#### What to do:
Reproduce the data below exactly as written. Pictures do not belong in the copy.

[Data records]

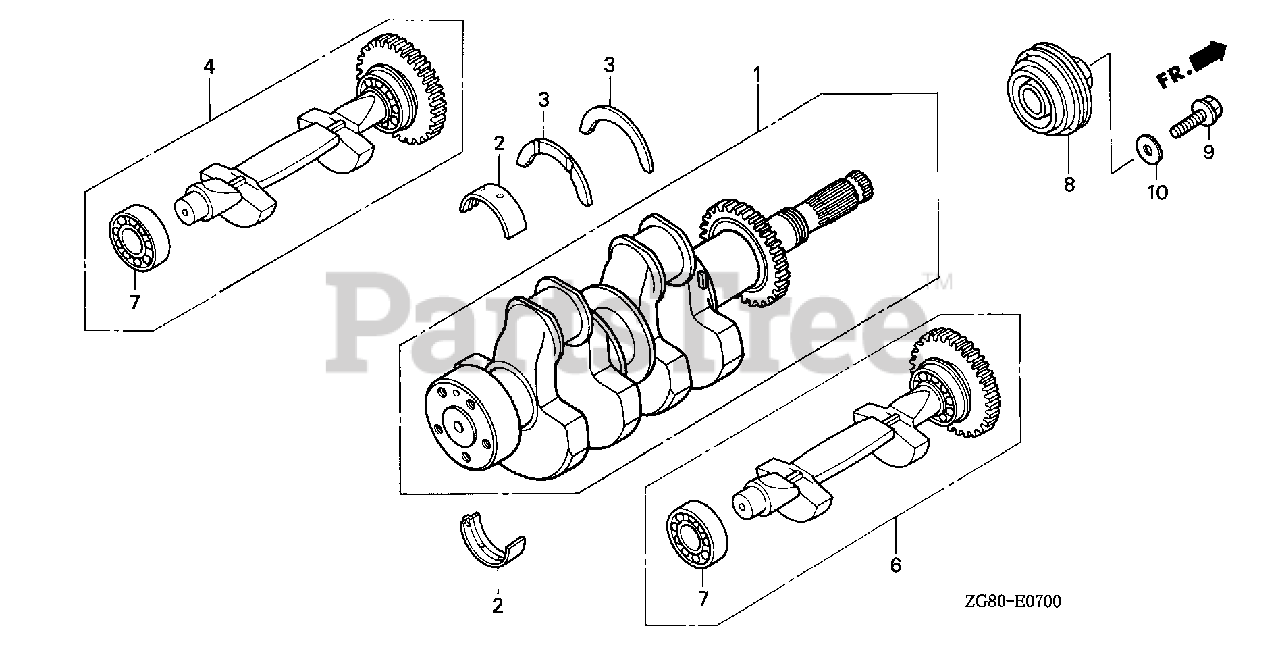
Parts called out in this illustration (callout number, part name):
1	CRANKSHAFT
2	BEARING A, MAIN (BLUE)
2	BEARING B, MAIN (BLACK)
2	BEARING C, MAIN (BROWN)
2	BEARING D, MAIN (GREEN)
2	BEARING E, MAIN (YELLOW)
2	BEARING F, MAIN (PINK)
2	BEARING G, MAIN (RED)
3	WASHER, THRUST
4	WEIGHT, R. BALANCER
6	WEIGHT, L. BALANCER
7	BEARING, RADIAL BALL (6203)
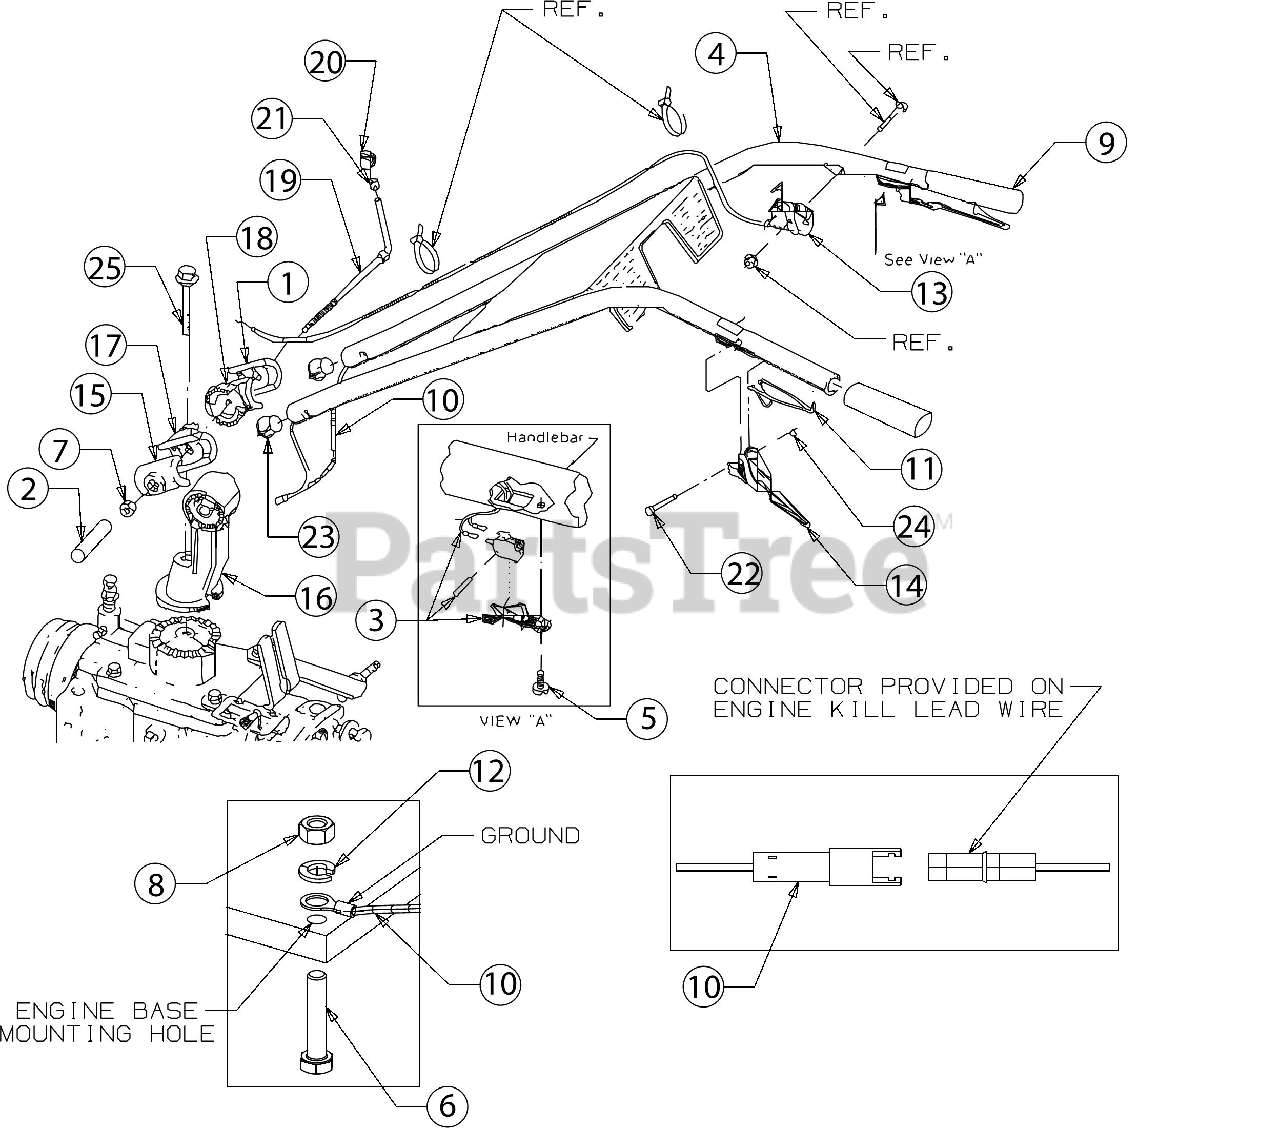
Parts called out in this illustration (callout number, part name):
1	CLAMP (RH) HORSE
2	CAP:PLUG HI TEMP
3	MICRO SWITCH ASSEMBLY
3	MICRO SWITCH
4	HANDLE ASSEMBLY
5	SCREW #10-16 X .500
6	SCREW 5/16-18 X 1.5 LG
7	HEX NUT
8	HEX NUT
9	GRIP 1.188 X 4.562
10	ENGINE HARNESS
12	LOCK WASHER 5/16
13	THROTTLE CABLE ASSEMBLY
15	CLAMP (LH) HORSE
16	HANDLE BAR BAS
17	RATCHET (LH) RED
18	RATCHET (RH) RED
19	STUD-H/BAR W/NUT
20	CONTROL KNOB
21	RING-TOLERANCE
22	PIN-PIVOT
23	RETAINER-HARNESS
24	RING-KLIP
25	BOLT 132-13X3.5 FH

#### Reply to the exercise:
Parts called out in this illustration (callout number, part name):
1	CRANKSHAFT
2	BEARING A, MAIN (BLUE)
2	BEARING B, MAIN (BLACK)
2	BEARING C, MAIN (BROWN)
2	BEARING D, MAIN (GREEN)
2	BEARING E, MAIN (YELLOW)
2	BEARING F, MAIN (PINK)
2	BEARING G, MAIN (RED)
3	WASHER, THRUST
4	WEIGHT, R. BALANCER
6	WEIGHT, L. BALANCER
7	BEARING, RADIAL BALL (6203)
Parts called out in this illustration (callout number, part name):
1	CLAMP (RH) HORSE
2	CAP:PLUG HI TEMP
3	MICRO SWITCH ASSEMBLY
3	MICRO SWITCH
4	HANDLE ASSEMBLY
5	SCREW #10-16 X .500
6	SCREW 5/16-18 X 1.5 LG
7	HEX NUT
8	HEX NUT
9	GRIP 1.188 X 4.562
10	ENGINE HARNESS
12	LOCK WASHER 5/16
13	THROTTLE CABLE ASSEMBLY
15	CLAMP (LH) HORSE
16	HANDLE BAR BAS
17	RATCHET (LH) RED
18	RATCHET (RH) RED
19	STUD-H/BAR W/NUT
20	CONTROL KNOB
21	RING-TOLERANCE
22	PIN-PIVOT
23	RETAINER-HARNESS
24	RING-KLIP
25	BOLT 132-13X3.5 FH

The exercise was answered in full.